9. The computing system of claim 8, wherein said underapproximator is capable of mapping said second number of inputs to said first number of inputs by randomly selecting a random subset of said second number of inputs; mapping said subset of said second number of inputs to an input of said first number of inputs by applying a Boolean function to said random subset; and repeating said randomly selecting and mapping said subset for each of said first number of inputs.

10. The computing system of claim 9, wherein said Boolean function comprises an exclusive-or function.

11. The computing system of claim 8 comprising a model checking engine to check an input property of said model by applying said input property to said underapproximated model.

12. The computing system of claim 11, wherein said model checking engine is to falsify said model if said underapproximated model does not satisfy said input property.

13. The computing system of claim 8, wherein said underapproximator is capable of automatically underapproximating based on a user input representing said second number.

14. A computer program product comprising a computer-useable medium including a computer-readable program, wherein the computer-readable program when executed on a computer causes the computer to:

automatically underapproximate a model having a first number of inputs with an underapproximated model having a second number of inputs by mapping said second number of inputs to said first number of inputs such that any possible combination of two or more values of any subset of two or more respective inputs of said first number of inputs is obtainable by assigning to each of one or more inputs of said second number of inputs a value of a predefined set of input values,

wherein said second number is smaller than said first number.

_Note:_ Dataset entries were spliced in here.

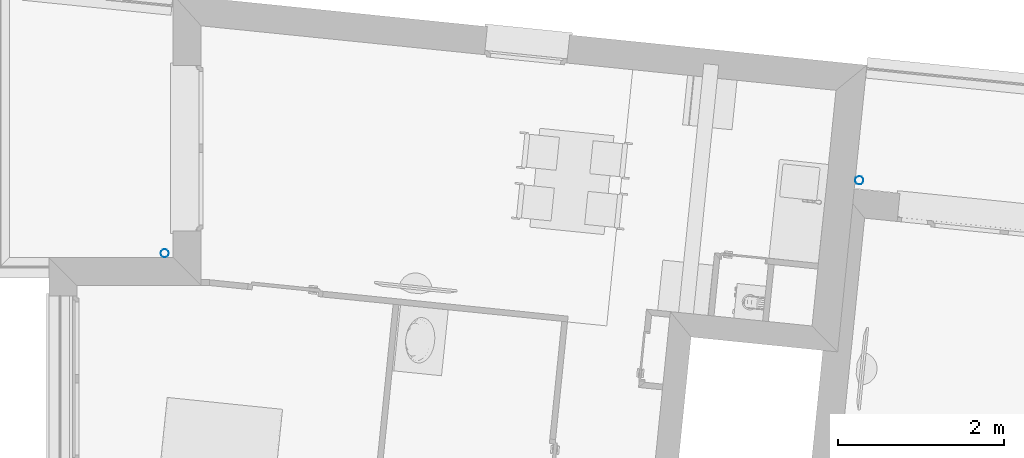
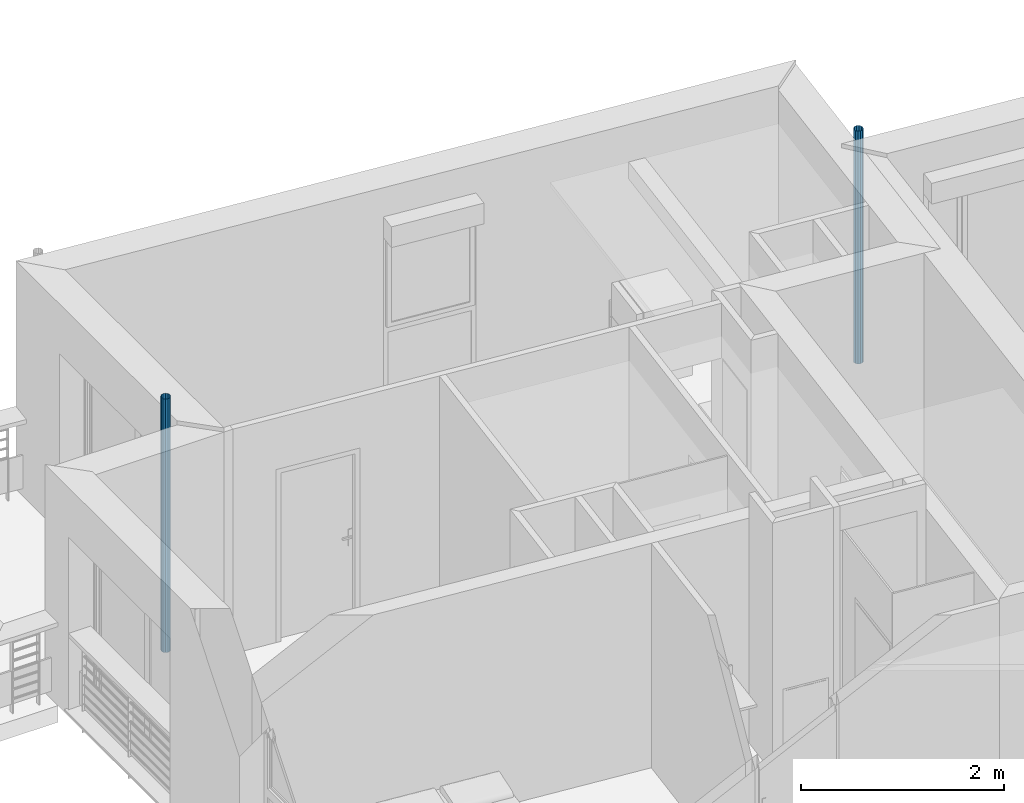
# One storey, part 82 of 164: 2 discrete accessories.
"""IFC2X3 building model written with IfcOpenShell, lengths in millimetres."""

from ifc_helpers import new_model, entity, si_unit, converted_unit, derived_unit, money_unit, direction, frame, origin_with_axes, place, context, subcontext, project, spatial, open_shell, surface_model, source, transform, mapped, type_object, element, save


model = new_model("IFC2X3")

# Units and contexts
model_context = context("Model", 3, precision=0.01, world=origin_with_axes(), true_north=direction((0.0, 1.0)))
body_context = subcontext(model_context, "Body", "Model", "MODEL_VIEW")
ifc_project = project(units=[si_unit("LENGTHUNIT", "METRE", prefix="MILLI"), si_unit("AREAUNIT", "SQUARE_METRE"), si_unit("VOLUMEUNIT", "CUBIC_METRE"), converted_unit("PLANEANGLEUNIT", "DEGREE", entity("IfcPlaneAngleMeasure", 0.0174532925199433), si_unit("PLANEANGLEUNIT", "RADIAN"), dimensions=[0, 0, 0, 0, 0, 0, 0]), money_unit("USD"), converted_unit("TIMEUNIT", "Year", entity("IfcTimeMeasure", 31557600.0), si_unit("TIMEUNIT", "SECOND"), dimensions=[0, 0, 1, 0, 0, 0, 0]), si_unit("MASSUNIT", "GRAM", prefix="KILO"), si_unit("THERMODYNAMICTEMPERATUREUNIT", "DEGREE_CELSIUS"), si_unit("LUMINOUSINTENSITYUNIT", "LUMEN"), si_unit("ENERGYUNIT", "JOULE", prefix="MEGA"), derived_unit("THERMALCONDUCTANCEUNIT", [(si_unit("POWERUNIT", "WATT"), 1), (si_unit("LENGTHUNIT", "METRE"), -1), (si_unit("THERMODYNAMICTEMPERATUREUNIT", "KELVIN"), -1)]), derived_unit("SPECIFICHEATCAPACITYUNIT", [(si_unit("ENERGYUNIT", "JOULE"), 1), (si_unit("MASSUNIT", "GRAM", prefix="KILO"), -1), (si_unit("THERMODYNAMICTEMPERATUREUNIT", "KELVIN"), -1)]), derived_unit("MASSDENSITYUNIT", [(si_unit("MASSUNIT", "GRAM", prefix="KILO"), 1), (si_unit("VOLUMEUNIT", "CUBIC_METRE"), -1)])], contexts=[model_context])

# Site, building, storey
site_placement = place(None, origin_with_axes())
site = spatial("IfcSite", under=ifc_project, at=site_placement, Name="Site", CompositionType="ELEMENT")
building_placement = place(site_placement, origin_with_axes())
building = spatial("IfcBuilding", under=site, at=building_placement, Name="Bâtiment", CompositionType="ELEMENT")
storey_placement = place(building_placement, frame((0.0, 0.0, 5750.0), z_axis=(0.0, 0.0, 1.0), x_axis=(1.0, 0.0, 0.0)))
storey = spatial("IfcBuildingStorey", under=building, at=storey_placement, Name="Etage1", CompositionType="ELEMENT", Elevation=5750.0)

# Discrete accessories
discrete_accessory_type = type_object("IfcDiscreteAccessoryType", Name="Tuyau descente 27")
shared_shape_1 = source(origin_with_axes(), body_context, "Body", "SurfaceModel", [
    surface_model("IfcShellBasedSurfaceModel", [(-50.0, 0.0, 3050.0), (-50.0, 0.0, 0.0), (-43.30127018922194, -25.0, 0.0), (-43.30127018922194, -25.0, 3050.0), (-43.30127018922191, 25.00000000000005, 3050.0), (-43.30127018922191, 25.00000000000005, 0.0), (-25.00000000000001, -43.30127018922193, 0.0), (-25.00000000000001, -43.30127018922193, 3050.0), (-24.99999999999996, 43.30127018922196, 3050.0), (-24.99999999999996, 43.30127018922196, 0.0), (0.0, -50.0, 0.0), (0.0, -50.0, 3050.0), (0.0, 50.0, 3050.0), (0.0, 50.0, 0.0), (24.99999999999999, -43.30127018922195, 0.0), (24.99999999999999, -43.30127018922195, 3050.0), (25.00000000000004, 43.30127018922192, 3050.0), (25.00000000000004, 43.30127018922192, 0.0), (43.30127018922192, -25.00000000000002, 0.0), (43.30127018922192, -25.00000000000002, 3050.0), (43.30127018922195, 24.99999999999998, 3050.0), (43.30127018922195, 24.99999999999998, 0.0), (50.0, 0.0, 0.0), (50.0, 0.0, 3050.0)], [open_shell([[[0, 1, 2, 3]], [[4, 5, 1, 0]], [[3, 2, 6, 7]], [[8, 9, 5, 4]], [[7, 6, 10, 11]], [[12, 13, 9, 8]], [[11, 10, 14, 15]], [[16, 17, 13, 12]], [[15, 14, 18, 19]], [[20, 21, 17, 16]], [[19, 18, 22, 23]], [[23, 22, 21, 20]]])]),
])
discrete_accessory_1_placement = place(storey_placement, frame((2218034.158908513, -607117.3879007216, 0.0), z_axis=(0.0, 0.0, 1.0), x_axis=(-1.0, 0.0, 0.0)))
element("IfcDiscreteAccessory", 1, at=discrete_accessory_1_placement, inside=storey, type_object=discrete_accessory_type, Name="Obj.-318", context=body_context, shape_type="MappedRepresentation", body=[
    mapped(shared_shape_1, transform((0.0, 0.0, 0.0))),
])
shared_shape_2 = source(origin_with_axes(), body_context, "Body", "SurfaceModel", [
    surface_model("IfcShellBasedSurfaceModel", [(-50.0, 0.0, 2800.0), (-50.0, 0.0, 0.0), (-43.30127018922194, -25.0, 0.0), (-43.30127018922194, -25.0, 2800.0), (-43.30127018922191, 25.00000000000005, 2800.0), (-43.30127018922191, 25.00000000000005, 0.0), (-25.00000000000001, -43.30127018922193, 0.0), (-25.00000000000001, -43.30127018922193, 2800.0), (-24.99999999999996, 43.30127018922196, 2800.0), (-24.99999999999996, 43.30127018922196, 0.0), (0.0, -50.0, 0.0), (0.0, -50.0, 2800.0), (0.0, 50.0, 2800.0), (0.0, 50.0, 0.0), (24.99999999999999, -43.30127018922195, 0.0), (24.99999999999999, -43.30127018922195, 2800.0), (25.00000000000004, 43.30127018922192, 2800.0), (25.00000000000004, 43.30127018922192, 0.0), (43.30127018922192, -25.00000000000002, 0.0), (43.30127018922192, -25.00000000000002, 2800.0), (43.30127018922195, 24.99999999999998, 2800.0), (43.30127018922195, 24.99999999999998, 0.0), (50.0, 0.0, 0.0), (50.0, 0.0, 2800.0)], [open_shell([[[0, 1, 2, 3]], [[4, 5, 1, 0]], [[3, 2, 6, 7]], [[8, 9, 5, 4]], [[7, 6, 10, 11]], [[12, 13, 9, 8]], [[11, 10, 14, 15]], [[16, 17, 13, 12]], [[15, 14, 18, 19]], [[20, 21, 17, 16]], [[19, 18, 22, 23]], [[23, 22, 21, 20]]])]),
])
discrete_accessory_2_placement = place(storey_placement, frame((2226421.612192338, -606237.1895906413, 0.0), z_axis=(0.0, 0.0, 1.0), x_axis=(-0.9948759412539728, 0.1011032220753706, 0.0)))
element("IfcDiscreteAccessory", 2, at=discrete_accessory_2_placement, inside=storey, type_object=discrete_accessory_type, Name="Obj.-318", context=body_context, shape_type="MappedRepresentation", body=[
    mapped(shared_shape_2, transform((0.0, 0.0, 0.0))),
])

save(model, "model.ifc")

15. The computer program product of claim 14, wherein the computer-readable program causes the computer to:

randomly select a random subset of said second number of inputs; and

map said subset of said second number of inputs to an input of said first number of inputs by applying a Boolean function to said random subset.

16. The computer program product of claim 15, wherein the computer-readable program causes the computer to repeat said randomly selecting and mapping said subset for each of said first number of inputs.

17. The computer program product of claim 15, wherein said Boolean function comprises an exclusive-or function.

18. The computer program product of claim 14, wherein the computer-readable program causes the computer to check an input property of said model by applying said input property to said underapproximated model.

19. The computer program product of claim 18, wherein the computer-readable program causes the computer to falsify said model if said underapproximated model does not satisfy said input property.

20. The computer program product of claim 14, wherein the computer-readable program causes the computer to automatically underapproximate said model with said underapproximated model based on a user input representing said second number.